I sat awhile holding the receiver, but finally hung up before Edna Twiggs could break in to tell me I was on the verge of forfeiting continuous service.
International media attention converged on Paradise Farm. Neither the Beulah Fork police department nor the sheriff’s patrol from Tocqueville could handle the journalists, TV people, curiosity seekers, and scientists who descended on Hothlepoya County for a peek at RuthClaire’s habiline paramour. For a time, the Georgia Highway Patrol intervened, rerouting the gate-crashers back toward the interstate and issuing tickets to those who ignored the detour signs; but Ruben Decker and a few of the other residents along the road linking Paradise Farm with town protested that they’d been singled out for citations as often as had the journalists and pesky outsiders plaguing the area, many of whom, when stopped, gave false ID’s to prove their claims of being locals. At last, even the highway patrol threatened to retreat from the scene; this wasn’t their fight.

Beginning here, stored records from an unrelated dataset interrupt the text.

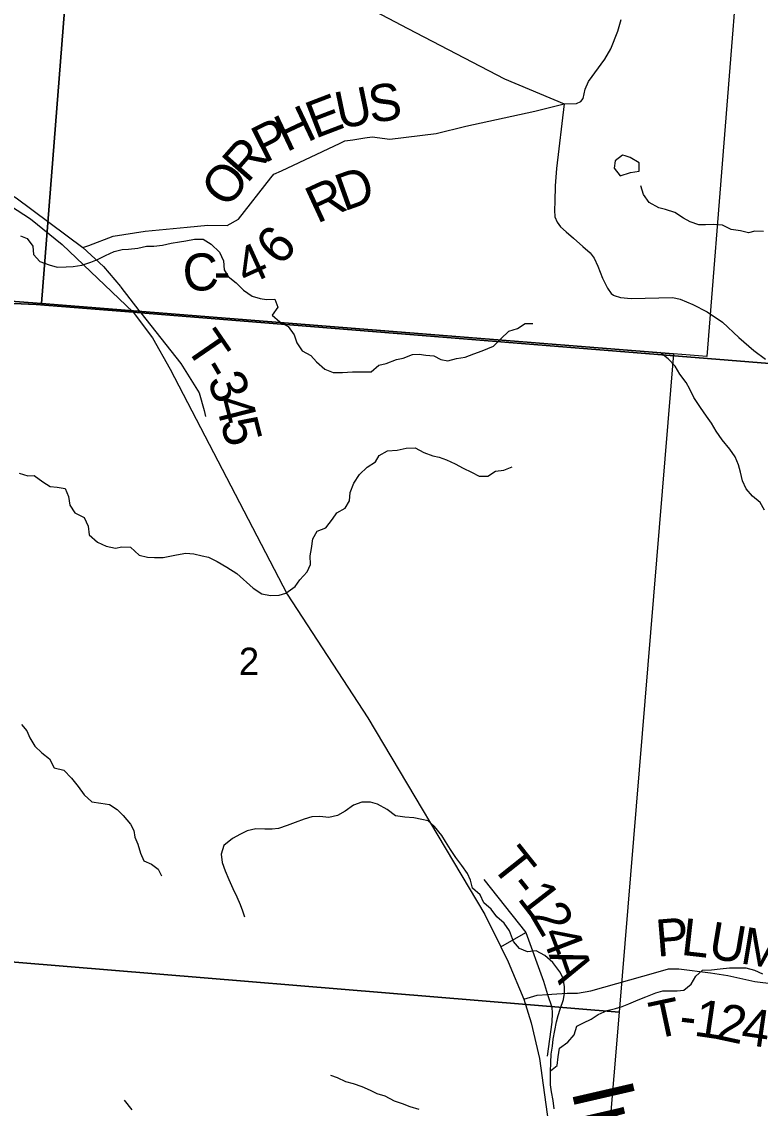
# Model space of a CAD drawing. Extents: x 1715311 to 2083412, y 146837 to 553079.
# Drawn here: x 1973537 to 1979519, y 339371 to 348173 of the extents above; entities that cross this region are included whole.
import ezdxf

# ---------------------------------------------------------------- set-up
doc = ezdxf.new("R2010")
doc.units = 0
for name, color, linetype in [('GM_X_County_Road', 7, 'Continuous'), ('GM_X_County_Road_Text', 7, 'Continuous'), ('GM_X_Minor_Lake', 7, 'Continuous'), ('GM_X_Minor_River', 7, 'Continuous'), ('GM_X_Minor_River_Text', 7, 'Continuous'), ('GM_X_Section', 7, 'Continuous'), ('GM_X_Section_Text', 7, 'Continuous'), ('GM_X_Township', 7, 'Continuous'), ('GM_X_Township_Road', 7, 'Continuous'), ('GM_X_Township_Road_Text', 7, 'Continuous'), ('GM_X_Township_ROW', 7, 'Continuous'), ('GM_X_US_Route', 7, 'Continuous')]:
    doc.layers.add(name, color=color, linetype=linetype)

msp = doc.modelspace()

# ---------------------------------------------------------------- linework, layer by layer
at = {"layer": 'GM_X_County_Road'}
for points in [[(1976315.6, 347231.9), (1976375.3, 347240.8), (1976518, 347221.4), (1976893.4, 347268.9), (1977134.7, 347326.6), (1977693.6, 347448.3), (1977931.9, 347509.1), (1978031.9, 347510.2), (1978065.9, 347526.7), (1978085.5, 347551.4), (1978102, 347625.6), (1978126.8, 347689.6), (1978260.8, 347869.1), (1978310.3, 347953.6), (1978366, 348098), (1978392.8, 348190.8)], [(1974080.1, 346361.4), (1974277.8, 346435.5), (1974537.4, 346476.2), (1974707.9, 346491.5), (1974878.3, 346509.3), (1975043.7, 346524.6), (1975201.5, 346522), (1975293.1, 346572.9), (1975554.3, 346908.1), (1975579.5, 346937.2), (1975640.1, 346965.7), (1976117.7, 347190.6), (1976154.1, 347207.7), (1976218.7, 347217.4), (1976315.6, 347231.9)], [(1972738.2, 347039.8), (1972777.2, 347075.4), (1972816.1, 347111), (1972838.6, 347131.6), (1972902.1, 347091.5), (1973491.6, 346746), (1974033.6, 346343.9), (1974080.1, 346361.4)]]:
    msp.add_lwpolyline(points, dxfattribs=at)
at = {"layer": 'GM_X_Minor_Lake'}
for points in [[(1978424.9, 347085.7), (1978402.6, 347092.6), (1978344.8, 347046.4), (1978336.9, 346986.3), (1978385, 346924.3)], [(1978385, 346924.3), (1978468.8, 346952.6), (1978538.7, 346962.7), (1978538.5, 347028.8), (1978466.6, 347072.7), (1978424.9, 347085.7)]]:
    msp.add_lwpolyline(points, dxfattribs=at)
at = {"layer": 'GM_X_Minor_River'}
for points in [[(1979544.2, 346474.2), (1979476.2, 346476), (1979424.3, 346461.9), (1979358.4, 346479.8), (1979284.5, 346489.6), (1979212.5, 346525.5), (1979138.6, 346531.4), (1979074.7, 346527.2), (1979020.8, 346529.1), (1978950.8, 346553), (1978896.9, 346581), (1978826.9, 346626.9), (1978750.9, 346650.7), (1978697, 346664.6), (1978619, 346708.5), (1978573, 346774.5), (1978550.9, 346842.6)], [(1973526.7, 346437.7), (1973582.6, 346417.8), (1973626.7, 346353.8), (1973632.8, 346287.8), (1973684.8, 346231.8), (1973760.8, 346203.9), (1973824.7, 346186), (1973898.6, 346188.1), (1973954.5, 346190.3), (1974024.4, 346200.4), (1974098.3, 346226.6), (1974150.2, 346246.8), (1974216, 346278.9), (1974285.9, 346311.1), (1974349.7, 346329.3), (1974401.7, 346329.4), (1974477.5, 346339.5), (1974547.4, 346353.7), (1974607.3, 346355.8), (1974677.2, 346362), (1974749.1, 346380.1), (1974815, 346390.3), (1974866.9, 346398.4), (1974936.8, 346410.6), (1975006.7, 346412.7), (1975072.6, 346370.8), (1975138.7, 346306.8), (1975172.8, 346236.8), (1975176.9, 346162.7), (1975208.9, 346108.7), (1975274.9, 346056.8), (1975333, 345998.8), (1975403, 345950.9), (1975468.9, 345931), (1975520.8, 345923.1), (1975586.8, 345925.3), (1975612.8, 345861.2), (1975567, 345797.1), (1975629, 345743.1), (1975695, 345703.2), (1975745.1, 345637.2), (1975765.2, 345571.2), (1975809.2, 345507.2), (1975879.2, 345469.3), (1975925.2, 345417.3), (1975991.2, 345359.4), (1976059.2, 345331.5), (1976135.1, 345331.6), (1976217, 345337.8), (1976288.9, 345336), (1976366.8, 345336.1), (1976428.6, 345390.3), (1976490.5, 345404.5), (1976572.3, 345436.7), (1976628.2, 345446.8), (1976702, 345477), (1976755.9, 345479.1), (1976809.9, 345471.2), (1976875.8, 345465.3), (1976931.8, 345437.4), (1976989.7, 345425.5), (1977059.6, 345443.7), (1977129.5, 345455.8), (1977199.3, 345484), (1977267.2, 345508.2), (1977359, 345544.4), (1977418.8, 345604.6), (1977482.6, 345666.8), (1977552.4, 345689), (1977614.3, 345727.2), (1977678.2, 345729.3)], [(1979271.8, 344711.3), (1979209.8, 344787.3), (1979161.7, 344857.3), (1979123.7, 344921.3), (1979083.6, 344977.3), (1979035.5, 345049.3), (1978981.5, 345129.3), (1978949.4, 345197.3), (1978919.3, 345249.3), (1978867.3, 345317.2), (1978829.2, 345383.3), (1978773.2, 345443.2), (1978707.2, 345493.1)], [(1973516.3, 344517.2), (1973586.2, 344493.4), (1973638.2, 344497.5), (1973708.1, 344445.6), (1973768.1, 344407.6), (1973824.1, 344401.8), (1973888, 344391.9), (1973916.1, 344325.8), (1973928.2, 344255.8), (1973968.3, 344193.8), (1974044.2, 344155.9), (1974074.3, 344085.9), (1974084.4, 344015.8), (1974150.4, 343957.9), (1974222.4, 343924), (1974296.3, 343908.1), (1974348.2, 343918.2), (1974418.1, 343916.4), (1974488.2, 343850.5), (1974556.1, 343836.6), (1974614, 343832.7), (1974683.9, 343832.8), (1974735.8, 343842.9), (1974789.7, 343853.1), (1974865.6, 343869.2), (1974931.5, 343861.4), (1974999.5, 343847.5), (1975051.4, 343835.6), (1975121.4, 343799.7), (1975197.4, 343755.8), (1975279.3, 343703.9), (1975411.4, 343584), (1975481.4, 343538.1), (1975551.3, 343526.2), (1975621.2, 343528.4), (1975677.1, 343544.5), (1975750.9, 343598.7), (1975790.7, 343652.9), (1975850.5, 343717.1), (1975876.4, 343777.2), (1975874.2, 343845.3), (1975884.1, 343905.4), (1975895.9, 343983.5), (1975929.8, 344045.6), (1975999.6, 344073.8), (1976055.4, 344142), (1976089.3, 344194.1), (1976157.1, 344232.3), (1976191, 344292.5), (1976198.8, 344360.6), (1976226.6, 344434.7), (1976272.4, 344504.9), (1976334.2, 344565.1), (1976402.1, 344607.3), (1976431.9, 344659.4), (1976499.8, 344695.6), (1976577.6, 344701.8), (1976651.5, 344717.9), (1976725.4, 344720.1), (1976795.4, 344682.2), (1976867.3, 344656.3), (1976919.3, 344646.4), (1976977.2, 344624.5), (1977049.2, 344592.6), (1977113.2, 344556.7), (1977179.1, 344522.8), (1977243.1, 344490.9), (1977313, 344491), (1977374.8, 344533.2), (1977442.7, 344541.3), (1977510.6, 344567.5)], [(1979554.4, 344215.3), (1979518.3, 344279.3), (1979456.3, 344329.2), (1979406.2, 344389.2), (1979376.2, 344455.2), (1979358.1, 344523.3), (1979344, 344583.3), (1979315.9, 344647.3), (1979271.8, 344711.3)], [(1973536, 342480.9), (1973578.1, 342429), (1973604.2, 342373), (1973644.2, 342305), (1973700.2, 342251), (1973762.3, 342201.1), (1973800.3, 342129.1), (1973878.3, 342109.2), (1973940.3, 342045.3), (1973994.3, 341977.3), (1974042.4, 341911.3), (1974106.4, 341853.4), (1974178.3, 341841.5), (1974248.3, 341831.7), (1974310.2, 341791.8), (1974360.3, 341743.8), (1974418.3, 341671.8), (1974446.4, 341621.8), (1974454.5, 341567.8), (1974476.5, 341509.8), (1974498.6, 341437.7), (1974526.7, 341375.7), (1974588.7, 341347.8), (1974642.7, 341307.9), (1974670.7, 341253.9)], [(1977836.9, 339874.7), (1977842.7, 339930.8), (1977856.6, 340000.9), (1977868.5, 340071), (1977882.3, 340123.1), (1977898.2, 340173.2), (1977926, 340251.3), (1977933.9, 340303.4), (1977933.8, 340353.5), (1977921.7, 340425.5), (1977895.7, 340475.5), (1977839.6, 340551.5), (1977773.6, 340609.4), (1977703.6, 340647.3), (1977633.7, 340637.2), (1977569.8, 340665.1), (1977519.7, 340723), (1977487.6, 340807.1), (1977445.6, 340871.1), (1977385.5, 340923), (1977339.5, 340985), (1977279.5, 341034.9), (1977251.4, 341100.9), (1977187.4, 341154.9), (1977173.3, 341218.9), (1977149.2, 341272.9), (1977103.2, 341338.9), (1977053.1, 341402.9), (1977011.1, 341466.9), (1976971, 341530.9), (1976938.9, 341580.8), (1976880.9, 341652.8), (1976828.9, 341698.8), (1976776.9, 341710.7), (1976713, 341722.5), (1976641.1, 341728.4), (1976565.2, 341740.3), (1976497.2, 341790.2), (1976419.2, 341834.1), (1976363.3, 341850), (1976293.3, 341851.8), (1976225.5, 341827.7), (1976157.7, 341777.5), (1976093.8, 341741.3), (1976024, 341725.1), (1975952.1, 341735), (1975886.1, 341732.9), (1975826.3, 341712.7), (1975752.4, 341686.5), (1975686.6, 341662.4), (1975616.7, 341638.2), (1975564.8, 341632.1), (1975506.9, 341632), (1975433, 341633.8), (1975363.1, 341617.7), (1975309.2, 341591.5), (1975243.4, 341557.4), (1975173.6, 341499.2), (1975153.7, 341429.1), (1975161.8, 341363), (1975185.9, 341295), (1975216, 341225), (1975248.1, 341150.9), (1975280.2, 341084.9), (1975306.3, 341022.9), (1975324.3, 340970.9), (1975342.4, 340920.9)], [(1977821.4, 339672.9), (1977875.1, 339718.6), (1977883, 339786.7), (1977892.8, 339856.8), (1977960.6, 339905), (1978012.4, 339965.2), (1978032.3, 340035.3), (1978088.2, 340063.4), (1978150, 340093.6), (1978205.9, 340129.8), (1978279.7, 340163.9), (1978345.6, 340180.1), (1978401.5, 340194.2), (1978455.4, 340216.3), (1978531.2, 340250.5), (1978591.1, 340274.7), (1978672.9, 340306.9), (1978728.8, 340321), (1978792.7, 340321.2), (1978846.6, 340323.3), (1978900.5, 340327.4), (1978960.3, 340375.6), (1978998.2, 340439.7), (1979052, 340489.9), (1979123.9, 340492), (1979195.8, 340500.2), (1979269.7, 340508.3), (1979401.5, 340508.6), (1979471.4, 340488.7), (1979537.4, 340460.8)], [(1977849.8, 339366.1), (1977841.7, 339434.2), (1977829.6, 339504.3), (1977821.5, 339560.3), (1977821.3, 339666.4), (1977823.1, 339740.5), (1977827, 339808.6), (1977836.9, 339874.7)], [(1976755.3, 339361.9), (1976683.4, 339383.8), (1976621.4, 339407.7), (1976557.5, 339427.6), (1976481.5, 339469.5), (1976415.6, 339487.4), (1976363.6, 339515.3), (1976295.6, 339543.2), (1976223.7, 339569.1), (1976163.7, 339585), (1976095.8, 339616.9), (1976041.8, 339636.8)], [(1974430.6, 339359.3), (1974370.5, 339435.2)]]:
    msp.add_lwpolyline(points, dxfattribs=at)
at = {"layer": 'GM_X_Section'}
for points in [[(1968750.1, 351653.6), (1974119.3, 351259.5), (1973697, 345890.3), (1973160.9, 345929.9), (1968371.3, 346279.5)], [(1974119.3, 351259.5), (1979516.5, 350859.4), (1979086.3, 345460.2), (1978816.2, 345484), (1973697, 345890.3)], [(1973160.9, 345929.9), (1973697, 345890.3), (1978816.2, 345484), (1978376, 340148.7), (1972760.7, 340612.8)], [(1972760.7, 340612.8), (1978376, 340148.7), (1977933.7, 334861.5), (1972308.4, 335313.6)]]:
    msp.add_lwpolyline(points, close=True, dxfattribs=at)
at = {"layer": 'GM_X_Township'}
for points in [[(1985738.3, 360944.3), (1985383.8, 356640.2), (1984847.2, 350030.1), (1984507.3, 345999.8), (1984436.4, 345172.5), (1984423, 345015.2), (1982277.8, 345208.6), (1981975, 345225.2), (1981635.9, 345260.4), (1981067.6, 345285.4), (1974501.5, 345814.1), (1974438.7, 345819.2), (1973653.8, 345882.4), (1973102.2, 345907.8), (1968500.1, 346272.2), (1967594.7, 346346.7), (1967018.4, 346390), (1960705.7, 346899.9)], [(1960705.7, 346899.9), (1967018.4, 346390), (1967594.7, 346346.7), (1968500.1, 346272.2), (1973102.2, 345907.8), (1973653.8, 345882.4), (1974438.7, 345819.2), (1974501.5, 345814.1), (1981067.6, 345285.4), (1981635.9, 345260.4), (1981975, 345225.2), (1982277.8, 345208.6), (1984423, 345015.2), (1984006.9, 340156), (1983804.4, 337791.6)]]:
    msp.add_lwpolyline(points, dxfattribs=at)
at = {"layer": 'GM_X_Township_Road'}
for points in [[(1975971.4, 348485.6), (1976666, 348118.6), (1977446.6, 347711.3), (1977931.9, 347509.1)], [(1977931.9, 347509.1), (1977868.4, 346985.4), (1977859.3, 346843.3), (1977856.3, 346716.3), (1977851.8, 346646.8), (1977856.3, 346593.9), (1977874.5, 346550.1), (1977901.7, 346510.8), (1977948.5, 346469.9), (1978006, 346420.2)], [(1978006, 346420.2), (1978083.1, 346353.6), (1978140.5, 346302.2), (1978175.2, 346256.8), (1978204, 346191.8), (1978241.7, 346095.1), (1978282.6, 346013.5), (1978312.8, 345971.2), (1978330.8, 345958)], [(1974033.6, 346343.9), (1974200.1, 346191), (1974337.7, 346027.6)], [(1974337.7, 346027.6), (1974341.4, 346023.2), (1974486.4, 345833.8)], [(1978330.8, 345958), (1978335.4, 345954.5), (1978386.9, 345937.9), (1978474.5, 345930.3), (1978810.1, 345937.9), (1978870.5, 345924.3), (1978971.8, 345883.5), (1979089.7, 345823), (1979212.1, 345739.9), (1979346.6, 345614.5), (1979466.1, 345508.7), (1979561.3, 345439.1)], [(1974486.4, 345833.8), (1974501.5, 345814.1), (1974827.4, 345405), (1974975, 345165.8), (1975014.4, 345023.2), (1975024.9, 344975.3)], [(1977280.3, 341223.4), (1977621.4, 340794.5), (1977763.2, 340401.3), (1977796.3, 340293.5), (1977830.8, 340188.6), (1977833.7, 340141.2), (1977832.2, 340067.9), (1977794.1, 339793.7)], [(1977831.7, 340295.4), (1977954.4, 340302.1), (1978037.7, 340302.1), (1978147, 340322.3), (1978673, 340471.7), (1978776.5, 340500.5), (1978859.8, 340500.5), (1979115.7, 340468.8), (1979256.5, 340445.8), (1979475, 340397), (1979914.8, 340345.1), (1979923.8, 340344.5), (1979996.1, 340297.7), (1980116, 340220), (1980119.4, 340217.8)], [(1977605.2, 340254.7), (1977712.9, 340287.8), (1977796.3, 340293.5), (1977831.7, 340295.4)]]:
    msp.add_lwpolyline(points, dxfattribs=at)
at = {"layer": 'GM_X_Township_ROW'}
msp.add_lwpolyline([(1977418.7, 340678.2), (1977621.4, 340794.5)], dxfattribs=at)
at = {"layer": 'GM_X_US_Route'}
msp.add_lwpolyline([(1971062, 348365.4), (1971265.3, 348113.7), (1971414.9, 347940.2), (1971765.9, 347623.9), (1971995.7, 347482.6), (1972458.4, 347204.8), (1972738.2, 347039.8), (1973344, 346746), (1973608.6, 346575.5), (1973865.6, 346369.4), (1974438.7, 345819.2), (1974595.9, 345611.1), (1974738.8, 345358.5), (1975687, 343534.6), (1976340.4, 342534.1), (1977289, 340941.7), (1977418.7, 340678.2), (1977478.7, 340556.5), (1977605.2, 340254.7), (1977662.6, 340062.1), (1977731.6, 339774.7), (1978044.3, 337497)], dxfattribs=at)

# ---------------------------------------------------------------- texts
at = {"layer": 'GM_X_County_Road_Text'}
for s, rotation, p in [('U', 11.77215, (1976111.3, 347300.7)), ('S', 7.36135, (1976363.7, 347353.5)), ('E', 20.95782, (1975913.9, 347224)), ('H', 25.30078, (1975680.8, 347113.5)), ('P', 26.73079, (1975501.8, 347023.4)), ('R', 48.71714, (1975363.2, 346856.7)), ('O', 52.25217, (1975204.7, 346651.7)), ('D', 19.66534, (1976146.8, 346635.4)), ('R', 24.84901, (1975929.8, 346534.6)), ('6', 47.61757, (1975629.5, 346183.9)), ('4', 24.48546, (1975355.1, 346030)), ('C', 4.03501, (1974851.7, 345985.5)), ('-', 359.00861, (1975090.5, 346002.7))]:
    msp.add_text(s, height=300, rotation=rotation, dxfattribs=at).set_placement(p)
at = {"layer": 'GM_X_Minor_River_Text'}
msp.add_text('Indian', height=499.92, rotation=283.00144, dxfattribs=at).set_placement((1977986.2, 339520.5))
at = {"layer": 'GM_X_Section_Text'}
msp.add_text('2', height=221, rotation=0.00001, dxfattribs=at).set_placement((1975296, 342881.1))
at = {"layer": 'GM_X_Township_Road_Text'}
for s, rotation, p in [('T', 304.4797, (1974854.9, 345542)), ('-', 300.63399, (1974978.9, 345361.9)), ('3', 291.97907, (1975035.8, 345267.5)), ('4', 284.27515, (1975101.1, 345107.7)), ('5', 284.27515, (1975146.3, 344930)), ('T', 308.49696, (1977331.1, 341338.9)), ('-', 308.49689, (1977470.5, 341163.6)), ('1', 307.68456, (1977545.8, 341068.9)), ('2', 300.36495, (1977652.2, 340932.3)), ('P', 4.69025, (1978684.4, 340598)), ('L', 353.52351, (1978870.7, 340614.8)), ('U', 350.49276, (1979089.5, 340590)), ('M', 350.53166, (1979350.1, 340546.4)), ('4', 290.96725, (1977739.3, 340785.8)), ('A', 289.13244, (1977804, 340617)), ('T', 12.01005, (1978660.4, 339929.3)), ('1', 351.7227, (1978974.3, 339960.5)), ('2', 347.86744, (1979151.9, 339934.9)), ('4', 351.81842, (1979354.8, 339892.1)), ('-', 353.23225, (1978854, 339974.8))]:
    msp.add_text(s, height=300, rotation=rotation, dxfattribs=at).set_placement(p)

doc.saveas('drawing.dxf')

In desperation RuthClaire contracted with an Atlanta firm to erect a beige brick wall around the exposed sections of her property’s perimeter; and this barricade, upon its completion in May, proved an effective psychological as well as physical deterrent to most of those stopping by for a casual, rather than a mercenary or a malevolent, look-see. Pale arc lights on tall poles illuminated every corner of the vast front and back yards and portions of the shadowy pecan grove behind the house. Twice, RuthClaire broadcast stentorian warnings over a P.A. system installed for that purpose and once fired her rifle above the heads of the trespassers creeping like animated stick figures across the lawn. Word got around that it was dangerous to try to breach the elaborate fortifications of Paradise Farm. I liked that.